Feature: The Value of the Columbia Basin Project

Feature: The Value of the Columbia Basin Project

By: Madi Moore, Agricultural Economist, Washington State Department of Agriculture

Water is a major contributor to agricultural productivity and economic development in the American West. The late 1940’s saw the expansion of irrigation projects as public investment increased and lowered the financing costs of shared infrastructure. At the same time, the development of dams, water storage and on-farm irrigation infrastructure enhanced the economic viability of utilizing water for irrigated crop production. By the late 1970s, a mere 30 years later, irrigated acreage in the American West had more than doubled. Today less than 25% of U.S. farmland is irrigated but this same land accounts for over 50% of all agricultural production value.

The Columbia Basin provides an example of the impacts of water on agricultural productivity and the critical role it plays in economic growth. When Columbia Basin Project water was first introduced in 1952, this led to the conversion of dry land to irrigated production. Irrigated agricultural production increased not only the profitability but also production reliability of the region. The next few decades experienced a strengthened farm economy, enhanced economic stability in the region and the development of value-added agriculture and food processing. Today, irrigated agriculture is at the center of the Columbia Basin’s economy – supporting communities through the production of food and value-added products.

Adams, Grant, Franklin, and Lincoln counties (the four counties in which the Columbia Basin Project lies) generate roughly $3 billion dollars in agricultural production value (that is one-third of Washington State’s $9 billion agricultural production value). Farms in the region employ over 13,000 people (that is one-in-five employees in the region’s total workforce). Add in the number of employees who work in food processing as well as agricultural services and that number doubles or triples. In fact, the percentage of people employed in agriculture (in the region) is seven times the national per capita average.

Agriculture powers a multi-billion-dollar processing industry. Food processing in Grant County alone accounts for over 15% of all wages and over 45% of all employment within the manufacturing subsector. Food processing in the region is also highly specialized. Over two-thirds of Washington’s potatoes are grown in the Columbia Basin. These potatoes are specific to the Basin, grown for their long storage life, and used to create products shipped across the world.
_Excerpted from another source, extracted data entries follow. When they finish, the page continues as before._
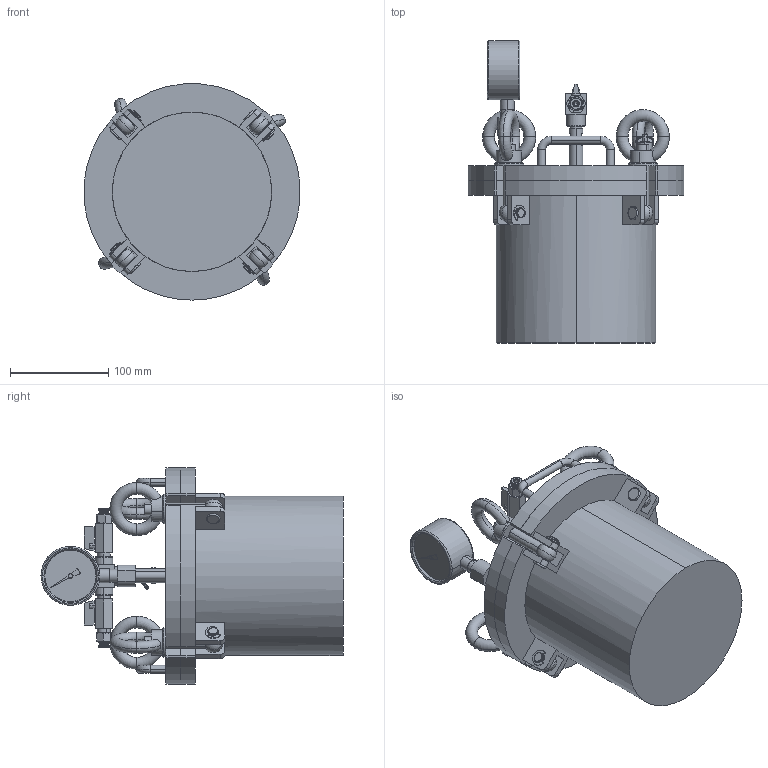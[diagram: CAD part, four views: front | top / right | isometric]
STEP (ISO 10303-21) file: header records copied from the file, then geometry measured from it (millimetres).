
FILE_DESCRIPTION (( 'STEP AP203' ), '1' );
FILE_NAME ('揤漱嫡-Pressurized helium tank_NY21025.STEP', '2026-09-02T05:31:10', ( '' ), ( '' ), 'SwSTEP 2.0', 'SolidWorks 2024', '' );
FILE_SCHEMA (( 'CONFIG_CONTROL_DESIGN' ));
Length unit declared in the file: millimetre
Products named in the file (1): 压氦罐-Pressurized helium tank_NY21025
Bounding box: 219.31 x 307 x 219.66 mm (x, y, z)
Volume: 4520671.6 mm3; surface area: 346872.2 mm2
Topology: 10 solids, 13 shells, 733 faces, 1882 edges, 1208 vertices
Faces by surface type: plane 280, cylinder 279, torus 78, cone 73, bspline 15, sphere 8
Entity records: 28516 total; most frequent: CARTESIAN_POINT 10113, DIRECTION 4036, ORIENTED_EDGE 3756, EDGE_CURVE 1878, AXIS2_PLACEMENT_3D 1620, VERTEX_POINT 1208, CIRCLE 901, EDGE_LOOP 840
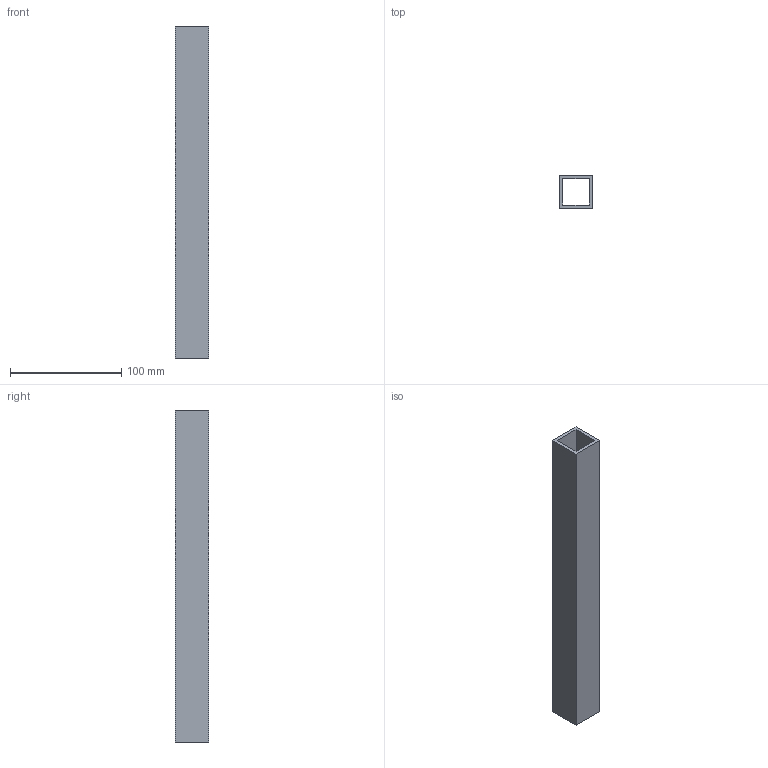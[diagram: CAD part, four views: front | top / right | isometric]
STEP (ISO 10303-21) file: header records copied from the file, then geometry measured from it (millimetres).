
FILE_DESCRIPTION(('Open CASCADE Model'),'2;1');
FILE_NAME('Open CASCADE Shape Model','2026-10-04T01:02:28',('Author'),( 'Open CASCADE'),'Open CASCADE STEP processor 8.0','Open CASCADE 8.0' ,'Unknown');
FILE_SCHEMA(('AUTOMOTIVE_DESIGN { 1 0 10303 214 1 1 1 1 }'));
Length unit declared in the file: millimetre
Products named in the file (1): Open CASCADE STEP translator 8.0 125
Bounding box: 30 x 30 x 299 mm (x, y, z)
Volume: 96876 mm3; surface area: 65232 mm2
Topology: 1 solids, 1 shells, 10 faces, 24 edges, 16 vertices
Faces by surface type: plane 10
Entity records: 598 total; most frequent: CARTESIAN_POINT 115, DIRECTION 78, LINE 56, VECTOR 56, ORIENTED_EDGE 48, PCURVE 48, DEFINITIONAL_REPRESENTATION 48, EDGE_CURVE 24
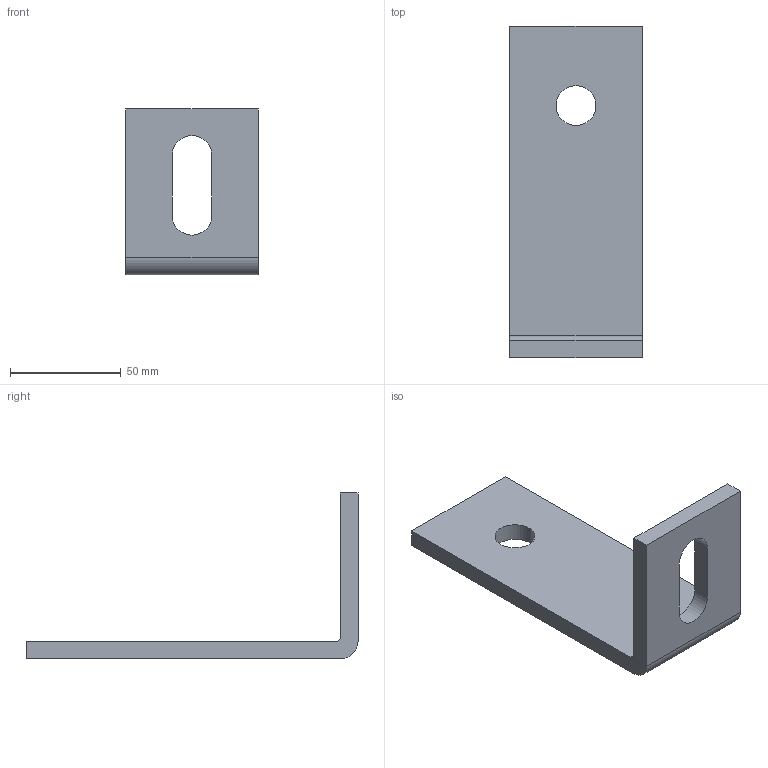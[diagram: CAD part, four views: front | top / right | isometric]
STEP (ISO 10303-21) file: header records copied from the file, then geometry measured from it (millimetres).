
FILE_DESCRIPTION (( 'STEP AP203' ), '1' );
FILE_NAME ('115AX.STEP', '2020-10-19T14:19:40', ( '' ), ( '' ), 'SwSTEP 2.0', 'SolidWorks 2013', '' );
FILE_SCHEMA (( 'CONFIG_CONTROL_DESIGN' ));
Length unit declared in the file: millimetre
Products named in the file (1): 115AX
Bounding box: 60 x 150 x 75 mm (x, y, z)
Volume: 95427.9 mm3; surface area: 29535.6 mm2
Topology: 1 solids, 1 shells, 17 faces, 45 edges, 30 vertices
Faces by surface type: plane 10, cylinder 7
Entity records: 618 total; most frequent: DIRECTION 95, CARTESIAN_POINT 93, ORIENTED_EDGE 90, EDGE_CURVE 45, AXIS2_PLACEMENT_3D 32, LINE 31, VECTOR 31, VERTEX_POINT 30

Washington State is the fourth largest exporting state in the nation, a significant portion of these exports are derived from the Columbia Basin.

Irrigated agriculture has contributed to the development of one of the most agriculturally productive regions in Washington, if not the U.S., and yet production in this region is threatened. The decline of the Odessa Aquifer continues to decrease the viability of irrigated agricultural production in the Columbia Basin. On-going federal, state, and private support has softened the effects of the declining Odessa Aquifer but continued collaboration is needed to mitigate the impacts of decreased water availability. In the Columbia Basin, irrigated agriculture is the conduit to producing high-valued crops. These crops support thousands of jobs, through on-farm labor and value-added food processing - solidifying the Columbia Basin as one of the top agricultural regions in the U.S.